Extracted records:
<<<<
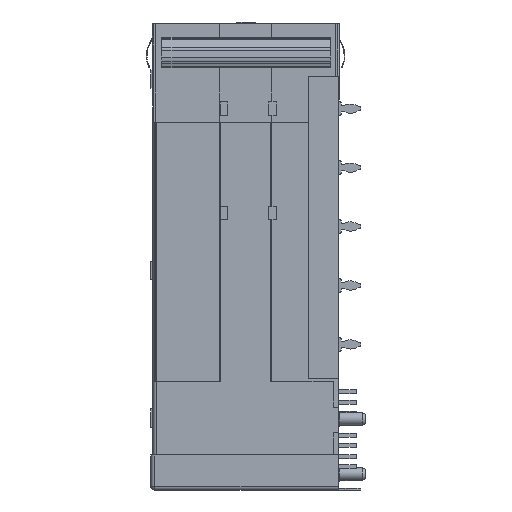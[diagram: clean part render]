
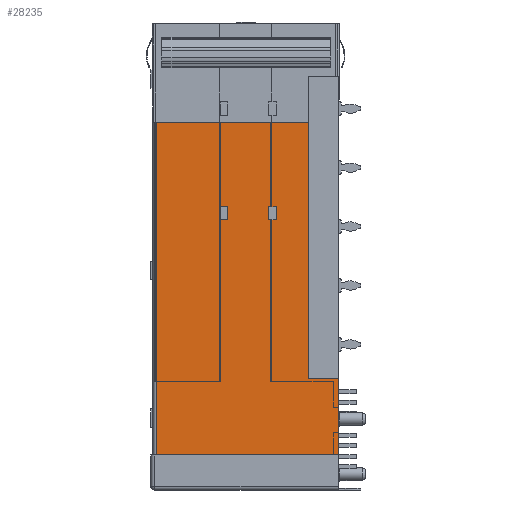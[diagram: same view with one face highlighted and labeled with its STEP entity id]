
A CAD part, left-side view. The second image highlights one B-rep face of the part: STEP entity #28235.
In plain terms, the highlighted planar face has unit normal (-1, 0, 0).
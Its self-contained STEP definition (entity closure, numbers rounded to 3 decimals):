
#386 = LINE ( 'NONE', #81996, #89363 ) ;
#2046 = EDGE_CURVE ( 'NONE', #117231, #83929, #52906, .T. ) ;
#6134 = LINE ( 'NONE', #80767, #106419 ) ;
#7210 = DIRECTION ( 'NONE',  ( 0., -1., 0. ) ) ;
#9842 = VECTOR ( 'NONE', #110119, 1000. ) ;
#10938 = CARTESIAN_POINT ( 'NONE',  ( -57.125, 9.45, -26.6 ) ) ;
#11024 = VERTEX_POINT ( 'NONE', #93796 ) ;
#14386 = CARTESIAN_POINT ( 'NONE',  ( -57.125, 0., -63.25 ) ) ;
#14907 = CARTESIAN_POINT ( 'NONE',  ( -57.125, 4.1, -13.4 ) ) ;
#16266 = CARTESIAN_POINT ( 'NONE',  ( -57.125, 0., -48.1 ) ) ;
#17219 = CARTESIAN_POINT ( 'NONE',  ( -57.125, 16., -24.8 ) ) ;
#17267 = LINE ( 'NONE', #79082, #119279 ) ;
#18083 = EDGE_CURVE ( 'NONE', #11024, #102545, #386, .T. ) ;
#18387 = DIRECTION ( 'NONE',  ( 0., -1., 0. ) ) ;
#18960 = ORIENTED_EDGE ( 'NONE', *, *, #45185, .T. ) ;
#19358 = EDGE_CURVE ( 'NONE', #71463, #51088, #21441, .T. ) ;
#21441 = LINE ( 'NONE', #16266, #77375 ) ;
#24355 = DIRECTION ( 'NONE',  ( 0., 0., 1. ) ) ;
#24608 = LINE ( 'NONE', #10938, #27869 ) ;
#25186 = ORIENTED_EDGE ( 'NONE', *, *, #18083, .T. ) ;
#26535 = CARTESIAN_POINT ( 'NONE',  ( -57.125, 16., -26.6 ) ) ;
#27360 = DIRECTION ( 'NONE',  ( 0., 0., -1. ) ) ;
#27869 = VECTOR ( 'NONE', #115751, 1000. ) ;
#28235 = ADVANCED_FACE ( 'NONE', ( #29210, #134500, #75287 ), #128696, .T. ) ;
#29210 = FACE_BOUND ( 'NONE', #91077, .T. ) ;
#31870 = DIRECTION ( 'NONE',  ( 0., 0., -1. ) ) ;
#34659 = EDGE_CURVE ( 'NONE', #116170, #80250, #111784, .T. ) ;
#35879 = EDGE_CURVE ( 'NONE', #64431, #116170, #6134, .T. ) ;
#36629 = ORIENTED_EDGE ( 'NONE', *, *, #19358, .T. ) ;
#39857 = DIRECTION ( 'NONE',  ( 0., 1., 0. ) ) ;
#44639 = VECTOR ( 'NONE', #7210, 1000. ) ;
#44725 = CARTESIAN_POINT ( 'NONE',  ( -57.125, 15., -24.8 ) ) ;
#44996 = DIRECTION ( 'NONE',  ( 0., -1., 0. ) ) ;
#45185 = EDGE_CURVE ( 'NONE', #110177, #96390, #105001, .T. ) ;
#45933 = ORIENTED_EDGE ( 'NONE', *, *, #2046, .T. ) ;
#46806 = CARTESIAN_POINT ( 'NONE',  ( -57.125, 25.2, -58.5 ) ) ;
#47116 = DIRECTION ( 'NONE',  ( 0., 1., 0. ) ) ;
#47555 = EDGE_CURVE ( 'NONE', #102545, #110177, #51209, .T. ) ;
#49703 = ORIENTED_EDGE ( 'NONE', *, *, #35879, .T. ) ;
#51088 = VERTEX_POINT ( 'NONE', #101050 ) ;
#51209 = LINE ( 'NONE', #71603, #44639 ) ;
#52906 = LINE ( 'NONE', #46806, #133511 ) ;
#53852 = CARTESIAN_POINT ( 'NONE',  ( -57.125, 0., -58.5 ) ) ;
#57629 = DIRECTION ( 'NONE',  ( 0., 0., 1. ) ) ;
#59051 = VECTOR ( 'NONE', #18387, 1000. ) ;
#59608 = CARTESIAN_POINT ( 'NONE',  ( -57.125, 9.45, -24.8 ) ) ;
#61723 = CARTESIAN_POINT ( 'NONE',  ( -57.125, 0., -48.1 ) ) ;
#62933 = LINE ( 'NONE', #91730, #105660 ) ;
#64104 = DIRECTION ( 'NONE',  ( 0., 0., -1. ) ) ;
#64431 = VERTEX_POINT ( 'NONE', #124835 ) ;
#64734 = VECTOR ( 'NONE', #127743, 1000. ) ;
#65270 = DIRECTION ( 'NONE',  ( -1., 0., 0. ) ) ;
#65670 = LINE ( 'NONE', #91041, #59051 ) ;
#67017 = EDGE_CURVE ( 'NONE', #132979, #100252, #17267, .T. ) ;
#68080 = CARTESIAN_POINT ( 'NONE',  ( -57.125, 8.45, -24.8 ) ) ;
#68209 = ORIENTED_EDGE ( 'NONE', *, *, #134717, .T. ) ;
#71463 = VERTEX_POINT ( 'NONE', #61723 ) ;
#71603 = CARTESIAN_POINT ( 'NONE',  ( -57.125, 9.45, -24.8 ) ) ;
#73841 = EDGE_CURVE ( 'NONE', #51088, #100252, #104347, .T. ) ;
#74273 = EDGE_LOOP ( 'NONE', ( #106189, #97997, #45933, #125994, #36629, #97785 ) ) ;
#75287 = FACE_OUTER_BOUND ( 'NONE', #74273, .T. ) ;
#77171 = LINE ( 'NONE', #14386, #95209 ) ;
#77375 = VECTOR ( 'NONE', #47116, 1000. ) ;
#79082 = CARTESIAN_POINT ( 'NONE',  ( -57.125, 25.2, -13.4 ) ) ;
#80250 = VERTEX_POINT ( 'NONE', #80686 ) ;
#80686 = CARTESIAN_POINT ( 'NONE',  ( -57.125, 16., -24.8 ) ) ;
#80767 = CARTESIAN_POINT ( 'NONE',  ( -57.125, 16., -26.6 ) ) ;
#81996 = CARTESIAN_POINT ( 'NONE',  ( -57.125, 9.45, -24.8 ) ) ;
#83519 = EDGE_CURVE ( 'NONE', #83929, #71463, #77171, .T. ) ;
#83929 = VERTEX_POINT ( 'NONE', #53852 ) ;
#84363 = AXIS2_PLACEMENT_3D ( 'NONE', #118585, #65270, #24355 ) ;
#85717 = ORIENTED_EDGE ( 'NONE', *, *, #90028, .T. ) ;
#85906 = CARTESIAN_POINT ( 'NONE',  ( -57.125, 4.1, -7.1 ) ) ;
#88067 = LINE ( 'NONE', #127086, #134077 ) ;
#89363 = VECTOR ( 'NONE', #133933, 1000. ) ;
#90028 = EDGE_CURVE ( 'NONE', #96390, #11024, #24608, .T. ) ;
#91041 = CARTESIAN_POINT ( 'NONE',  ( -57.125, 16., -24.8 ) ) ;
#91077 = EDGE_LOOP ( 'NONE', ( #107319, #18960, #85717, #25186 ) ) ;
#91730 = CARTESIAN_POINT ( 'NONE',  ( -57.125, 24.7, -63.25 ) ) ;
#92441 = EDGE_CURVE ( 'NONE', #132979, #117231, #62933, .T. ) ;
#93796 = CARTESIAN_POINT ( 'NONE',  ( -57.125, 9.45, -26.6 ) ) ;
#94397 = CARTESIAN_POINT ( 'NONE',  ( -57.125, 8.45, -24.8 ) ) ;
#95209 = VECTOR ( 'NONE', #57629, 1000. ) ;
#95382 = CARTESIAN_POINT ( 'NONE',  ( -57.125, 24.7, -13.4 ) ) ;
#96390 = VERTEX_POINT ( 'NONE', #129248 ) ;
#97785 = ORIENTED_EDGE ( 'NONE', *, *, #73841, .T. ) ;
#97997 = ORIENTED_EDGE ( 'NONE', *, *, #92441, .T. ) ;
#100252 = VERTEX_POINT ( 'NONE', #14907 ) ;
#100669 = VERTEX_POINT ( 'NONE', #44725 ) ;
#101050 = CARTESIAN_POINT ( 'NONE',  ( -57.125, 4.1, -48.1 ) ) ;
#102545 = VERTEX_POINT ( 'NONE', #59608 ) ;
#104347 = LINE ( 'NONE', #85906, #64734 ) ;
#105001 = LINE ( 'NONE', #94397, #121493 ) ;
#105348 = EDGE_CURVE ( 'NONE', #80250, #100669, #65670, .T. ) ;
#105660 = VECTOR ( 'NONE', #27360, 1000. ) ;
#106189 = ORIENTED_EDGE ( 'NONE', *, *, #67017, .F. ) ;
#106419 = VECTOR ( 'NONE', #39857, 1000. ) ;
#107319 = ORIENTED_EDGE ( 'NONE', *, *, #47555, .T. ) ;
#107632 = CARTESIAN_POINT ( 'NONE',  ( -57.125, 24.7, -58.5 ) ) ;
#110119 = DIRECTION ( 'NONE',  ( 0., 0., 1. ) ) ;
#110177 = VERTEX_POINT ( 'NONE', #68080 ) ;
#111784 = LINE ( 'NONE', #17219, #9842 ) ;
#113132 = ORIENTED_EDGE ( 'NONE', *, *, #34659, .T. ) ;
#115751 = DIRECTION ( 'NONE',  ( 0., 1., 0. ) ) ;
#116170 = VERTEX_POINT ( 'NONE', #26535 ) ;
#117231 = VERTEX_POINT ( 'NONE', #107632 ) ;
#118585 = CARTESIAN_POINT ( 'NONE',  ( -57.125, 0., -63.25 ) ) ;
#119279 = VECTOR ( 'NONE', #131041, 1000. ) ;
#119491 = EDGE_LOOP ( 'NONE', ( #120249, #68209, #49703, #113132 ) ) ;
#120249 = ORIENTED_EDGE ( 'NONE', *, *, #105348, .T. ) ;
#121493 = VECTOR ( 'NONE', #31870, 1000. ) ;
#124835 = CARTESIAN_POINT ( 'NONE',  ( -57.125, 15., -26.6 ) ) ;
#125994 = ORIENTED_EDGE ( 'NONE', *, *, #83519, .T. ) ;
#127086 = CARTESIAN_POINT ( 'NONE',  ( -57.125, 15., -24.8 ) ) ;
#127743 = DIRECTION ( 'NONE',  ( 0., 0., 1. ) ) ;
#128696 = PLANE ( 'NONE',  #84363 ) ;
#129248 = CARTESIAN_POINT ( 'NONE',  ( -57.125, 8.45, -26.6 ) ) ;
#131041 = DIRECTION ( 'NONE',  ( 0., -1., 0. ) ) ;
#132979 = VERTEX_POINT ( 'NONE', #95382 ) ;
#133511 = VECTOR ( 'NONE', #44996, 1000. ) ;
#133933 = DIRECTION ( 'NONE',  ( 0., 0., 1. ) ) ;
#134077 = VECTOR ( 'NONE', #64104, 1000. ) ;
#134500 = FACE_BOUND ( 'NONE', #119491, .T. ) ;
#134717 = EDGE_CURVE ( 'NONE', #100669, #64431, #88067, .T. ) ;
>>>>
TASK BRIEF: Return only the lines between the one holding "#107632 = CARTESIAN_POINT" and the one holding "#125994 = ORIENTED_EDGE", inclusive, exactly as they appear above.

SOLUTION FOR THIS PROBLEM:
#107632 = CARTESIAN_POINT ( 'NONE',  ( -57.125, 24.7, -58.5 ) ) ;
#110119 = DIRECTION ( 'NONE',  ( 0., 0., 1. ) ) ;
#110177 = VERTEX_POINT ( 'NONE', #68080 ) ;
#111784 = LINE ( 'NONE', #17219, #9842 ) ;
#113132 = ORIENTED_EDGE ( 'NONE', *, *, #34659, .T. ) ;
#115751 = DIRECTION ( 'NONE',  ( 0., 1., 0. ) ) ;
#116170 = VERTEX_POINT ( 'NONE', #26535 ) ;
#117231 = VERTEX_POINT ( 'NONE', #107632 ) ;
#118585 = CARTESIAN_POINT ( 'NONE',  ( -57.125, 0., -63.25 ) ) ;
#119279 = VECTOR ( 'NONE', #131041, 1000. ) ;
#119491 = EDGE_LOOP ( 'NONE', ( #120249, #68209, #49703, #113132 ) ) ;
#120249 = ORIENTED_EDGE ( 'NONE', *, *, #105348, .T. ) ;
#121493 = VECTOR ( 'NONE', #31870, 1000. ) ;
#124835 = CARTESIAN_POINT ( 'NONE',  ( -57.125, 15., -26.6 ) ) ;
#125994 = ORIENTED_EDGE ( 'NONE', *, *, #83519, .T. ) ;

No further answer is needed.